Key Concept: オープンサイエンス(open science) 研究プロセスの全段階——仮説生成、データ収集、分析、報告——における透明性、アクセス可能性、再現可能性を高めることで、科学の自己修正機能を強化しようとする運動・実践の総称。心理学では2010年代から急速に制度化された。(→ Module 2-4, Section 5「方法論的課題と改善」参照)
Center for Open Science (COS) とOSF¶
オープンサイエンス運動の制度的中核を担ったのがCenter for Open Science(COS、2013年設立)である。COS は Brian Nosek(バージニア大学)らによって設立された非営利団体であり、Open Science Framework(OSF)の運営を通じて、事前登録、データ共有、研究材料の公開を一元的に支援するインフラストラクチャを構築した。
OSFの主要機能は以下の通りである。
| 機能 | 説明 |
|---|---|
| 事前登録 | 研究計画をタイムスタンプ付きで登録・公開 |
| データ管理 | 研究データのアップロード・バージョン管理・DOI付与 |
| プロジェクト管理 | 共同研究者間での資料共有・進捗管理 |
| プレプリント | PsyArXiv等のプレプリントサーバーとの統合 |
| コンポーネント構成 | 1つのプロジェクトに複数の研究・データセットを階層的に整理 |
Transparency and Openness Promotion (TOP) ガイドライン¶
Key Concept: TOPガイドライン(Transparency and Openness Promotion Guidelines) COS が策定した、学術雑誌における透明性とオープン性を促進するためのガイドライン。
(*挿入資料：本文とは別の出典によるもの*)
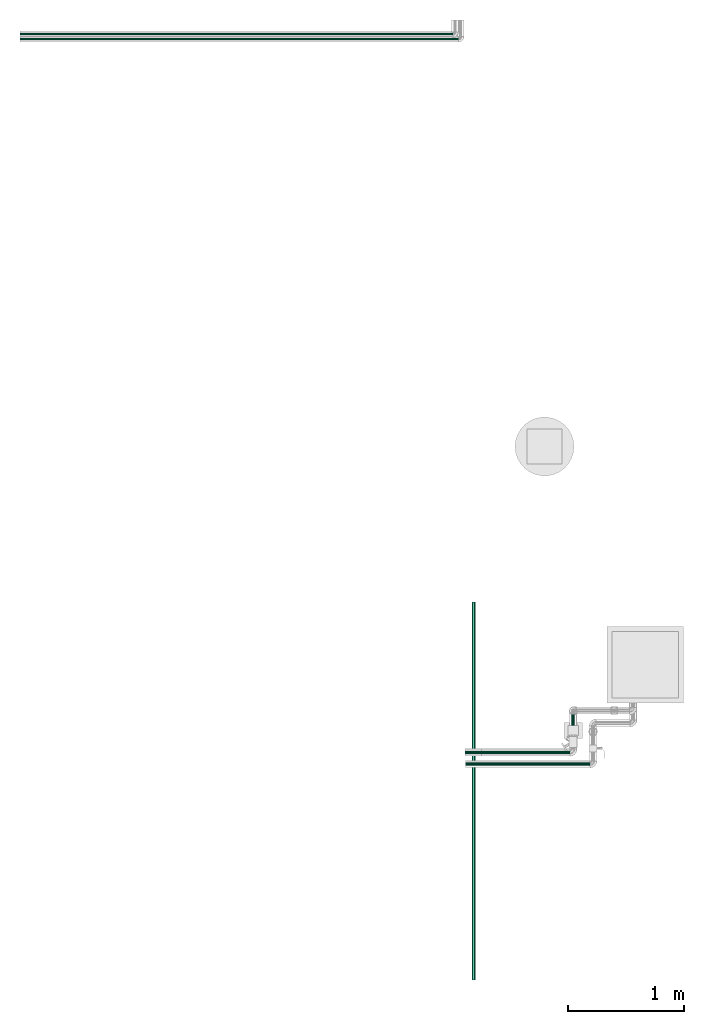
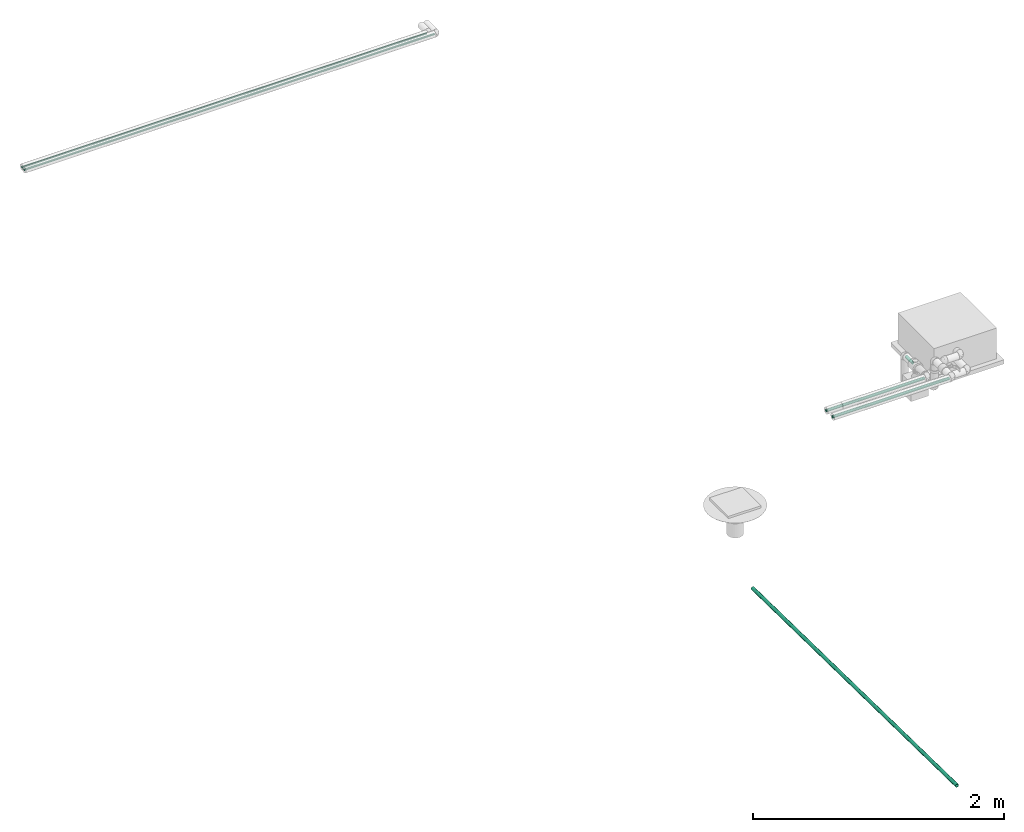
# One storey, part 5 of 13: 7 flow segments.
"""IFC2X3 building model written with IfcOpenShell, lengths in millimetres."""

from ifc_helpers import new_model, entity, si_unit, converted_unit, derived_unit, direction, frame, origin_with_axes, origin_2d_with_axis, place, context, subcontext, project, spatial, hollow_circle, extrude, source, transform, mapped, type_object, element, save


model = new_model("IFC2X3")

# Units and contexts
model_context = context("Model", 3, precision=0.01, world=frame((0.0, 4.29681676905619e-09, 0.0)), true_north=direction((4.01073788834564e-13, 1.0)))
plan_context = context("Plan", 3, precision=0.01, world=frame((0.0, 4.29681676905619e-09, 0.0)), true_north=direction((4.01073788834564e-13, 1.0)))
body_context = subcontext(model_context, "Body", "Model", "MODEL_VIEW")
ifc_project = project(units=[converted_unit("PLANEANGLEUNIT", "DEGREE", entity("IfcPositiveLengthMeasure", 0.0174532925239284), si_unit("PLANEANGLEUNIT", "RADIAN"), dimensions=[0, 0, 0, 0, 0, 0, 0]), si_unit("AREAUNIT", "SQUARE_METRE"), si_unit("LENGTHUNIT", "METRE", prefix="MILLI"), si_unit("MASSUNIT", "GRAM", prefix="KILO"), si_unit("POWERUNIT", "WATT"), si_unit("PRESSUREUNIT", "PASCAL"), si_unit("FORCEUNIT", "NEWTON", prefix="KILO"), si_unit("ELECTRICVOLTAGEUNIT", "VOLT"), si_unit("ELECTRICCURRENTUNIT", "AMPERE"), si_unit("THERMODYNAMICTEMPERATUREUNIT", "DEGREE_CELSIUS"), si_unit("TIMEUNIT", "SECOND"), si_unit("VOLUMEUNIT", "CUBIC_METRE"), derived_unit("LINEARVELOCITYUNIT", [(si_unit("LENGTHUNIT", "METRE"), 1), (si_unit("TIMEUNIT", "SECOND"), -1)]), derived_unit("VOLUMETRICFLOWRATEUNIT", [(si_unit("VOLUMEUNIT", "CUBIC_METRE"), 1), (si_unit("TIMEUNIT", "SECOND"), -1)]), derived_unit("THERMALTRANSMITTANCEUNIT", [(si_unit("POWERUNIT", "WATT"), 1), (si_unit("THERMODYNAMICTEMPERATUREUNIT", "KELVIN"), -1), (si_unit("AREAUNIT", "SQUARE_METRE"), -1)]), derived_unit("SOUNDPRESSUREUNIT", [(si_unit("PRESSUREUNIT", "PASCAL"), 1)])], contexts=[model_context, plan_context])

# Site, building, storey
site_placement = place(None, frame((0.0, -4.29681676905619e-09, 0.0), z_axis=(0.0, 0.0, 1.0), x_axis=(1.0, 0.0, 0.0)))
site = spatial("IfcSite", under=ifc_project, at=site_placement, Name="ENGM", CompositionType="ELEMENT")
building_placement = place(site_placement, frame((0.0, 4.29681676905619e-09, 0.0), z_axis=(0.0, 0.0, 1.0), x_axis=(1.0, 0.0, 0.0)))
building = spatial("IfcBuilding", under=site, at=building_placement, Name="TI", CompositionType="ELEMENT")
storey_placement = place(building_placement, frame((0.0, 0.0, 210900.0), z_axis=(0.0, 0.0, 1.0), x_axis=(1.0, 0.0, 0.0)))
storey = spatial("IfcBuildingStorey", under=building, at=storey_placement, Name="Nivå F", CompositionType="ELEMENT", Elevation=210900.0)

# Flow segments
pipe_segment_type_1 = type_object("IfcPipeSegmentType", Name="Stålrør normaltykke", PredefinedType="RIGIDSEGMENT")
shared_shape_1 = source(origin_with_axes(), body_context, "Body", "SweptSolid", [
    extrude(hollow_circle(Radius=13.3, WallThickness=2.0, at=origin_2d_with_axis()), frame((0.0, 0.0, 0.0), z_axis=(1.0, 0.0, 0.0), x_axis=(0.0, 1.0, 0.0)), (0.0, 0.0, 1.0), 762.8),
])
flow_segment_1_placement = place(storey_placement, frame((609296.5743, 691241.97914, 2740.0), z_axis=(0.0, 0.0, 1.0), x_axis=(1.0, 0.0, 0.0)))
element("IfcFlowSegment", 1, at=flow_segment_1_placement, inside=storey, type_object=pipe_segment_type_1, Name="Stålrør normaltykke", context=body_context, shape_type="MappedRepresentation", body=[
    mapped(shared_shape_1, transform((0.0, 0.0, 0.0), scale=1.0)),
])
shared_shape_2 = source(origin_with_axes(), body_context, "Body", "SweptSolid", [
    extrude(hollow_circle(Radius=13.3, WallThickness=2.0, at=origin_2d_with_axis()), frame((0.0, 0.0, 0.0), z_axis=(1.0, 0.0, 0.0), x_axis=(0.0, 1.0, 0.0)), (0.0, 0.0, 1.0), 1071.7),
])
flow_segment_2_placement = place(storey_placement, frame((609158.7743, 691141.97914, 2740.0), z_axis=(0.0, 0.0, 1.0), x_axis=(1.0, 0.0, 0.0)))
element("IfcFlowSegment", 2, at=flow_segment_2_placement, inside=storey, type_object=pipe_segment_type_1, Name="Stålrør normaltykke", context=body_context, shape_type="MappedRepresentation", body=[
    mapped(shared_shape_2, transform((0.0, 0.0, 0.0), scale=1.0)),
])
pipe_segment_type_2 = type_object("IfcPipeSegmentType", Name="Kobberrør", PredefinedType="RIGIDSEGMENT")
shared_shape_3 = source(origin_with_axes(), body_context, "Body", "SweptSolid", [
    extrude(hollow_circle(Radius=9.0, WallThickness=2.0, at=origin_2d_with_axis()), frame((0.0, 0.0, 0.0), z_axis=(1.0, 0.0, 0.0), x_axis=(0.0, 1.0, 0.0)), (0.0, 0.0, 1.0), 3722.0),
])
flow_segment_3_placement = place(storey_placement, frame((609051.65402, 697419.51267, 2700.0), z_axis=(0.0, 0.0, 1.0), x_axis=(-1.0, 0.0, 0.0)))
element("IfcFlowSegment", 3, at=flow_segment_3_placement, inside=storey, type_object=pipe_segment_type_2, Name="Kobberrør", context=body_context, shape_type="MappedRepresentation", body=[
    mapped(shared_shape_3, transform((0.0, 0.0, 0.0), scale=1.0)),
])
shared_shape_4 = source(origin_with_axes(), body_context, "Body", "SweptSolid", [
    extrude(hollow_circle(Radius=9.0, WallThickness=2.0, at=origin_2d_with_axis()), frame((0.0, 0.0, 0.0), z_axis=(1.0, 0.0, 0.0), x_axis=(0.0, 1.0, 0.0)), (0.0, 0.0, 1.0), 3772.0),
])
flow_segment_4_placement = place(storey_placement, frame((609099.81817, 697379.51267, 2700.0), z_axis=(0.0, 0.0, 1.0), x_axis=(-1.0, 0.0, 0.0)))
element("IfcFlowSegment", 4, at=flow_segment_4_placement, inside=storey, type_object=pipe_segment_type_2, Name="Kobberrør", context=body_context, shape_type="MappedRepresentation", body=[
    mapped(shared_shape_4, transform((0.0, 0.0, 0.0), scale=1.0)),
])
shared_shape_5 = source(origin_with_axes(), body_context, "Body", "SweptSolid", [
    extrude(hollow_circle(Radius=13.3, WallThickness=2.0, at=origin_2d_with_axis()), frame((0.0, 0.0, 0.0), z_axis=(1.0, 0.0, 0.0), x_axis=(0.0, 1.0, 0.0)), (0.0, 0.0, 1.0), 140.0),
])
flow_segment_5_placement = place(storey_placement, frame((609156.5743, 691241.97914, 2740.0), z_axis=(0.0, 0.0, 1.0), x_axis=(1.0, 0.0, 0.0)))
element("IfcFlowSegment", 5, at=flow_segment_5_placement, inside=storey, type_object=pipe_segment_type_1, Name="Stålrør normaltykke", context=body_context, shape_type="MappedRepresentation", body=[
    mapped(shared_shape_5, transform((0.0, 0.0, 0.0), scale=1.0)),
])
pipe_segment_type_3 = type_object("IfcPipeSegmentType", Name="PP avløpsrør", PredefinedType="RIGIDSEGMENT")
shared_shape_6 = source(origin_with_axes(), body_context, "Body", "SweptSolid", [
    extrude(hollow_circle(Radius=16.0, WallThickness=2.0, at=origin_2d_with_axis()), frame((0.0, 0.0, 0.0), z_axis=(1.0, 0.0, 0.0), x_axis=(0.0, 1.0, 0.0)), (0.0, 0.0, 1.0), 3253.5),
])
flow_segment_6_placement = place(storey_placement, frame((609230.2665, 689283.67643, 257.483059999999), z_axis=(0.0, 0.0166640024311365, 0.999861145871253), x_axis=(0.0, 0.999861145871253, -0.0166640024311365)))
element("IfcFlowSegment", 6, at=flow_segment_6_placement, inside=storey, type_object=pipe_segment_type_3, Name="PP avløpsrør", context=body_context, shape_type="MappedRepresentation", body=[
    mapped(shared_shape_6, transform((0.0, 0.0, 0.0), scale=1.0)),
])
shared_shape_7 = source(origin_with_axes(), body_context, "Body", "SweptSolid", [
    extrude(hollow_circle(Radius=13.3, WallThickness=2.0, at=origin_2d_with_axis()), frame((0.0, 0.0, 0.0), z_axis=(1.0, 0.0, 0.0), x_axis=(0.0, 1.0, 0.0)), (0.0, 0.0, 1.0), 103.2),
])
flow_segment_7_placement = place(storey_placement, frame((610086.18538, 691470.60738, 2740.0), z_axis=(0.0, 0.0, 1.0), x_axis=(0.0, 1.0, 0.0)))
element("IfcFlowSegment", 7, at=flow_segment_7_placement, inside=storey, type_object=pipe_segment_type_1, Name="Stålrør normaltykke", context=body_context, shape_type="MappedRepresentation", body=[
    mapped(shared_shape_7, transform((0.0, 0.0, 0.0), scale=1.0)),
])

save(model, "model.ifc")

8つの基準領域(引用基準、データの透明性、分析コードの透明性、研究材料の透明性、デザインと分析の透明性、事前登録、分析計画の事前登録、追試)について、それぞれ3段階(Level 1: 開示、Level 2: 要求、Level 3: 検証)の実施水準を定めている。Nosek et al. (2015) がScience誌に発表。
TOPガイドラインは2015年の発表時に500以上の学術雑誌と100以上の学術団体から支持を受けた。各雑誌は自らの方針としてどの基準をどのレベルで採用するかを宣言することで、段階的にオープンサイエンスの実践を導入できる。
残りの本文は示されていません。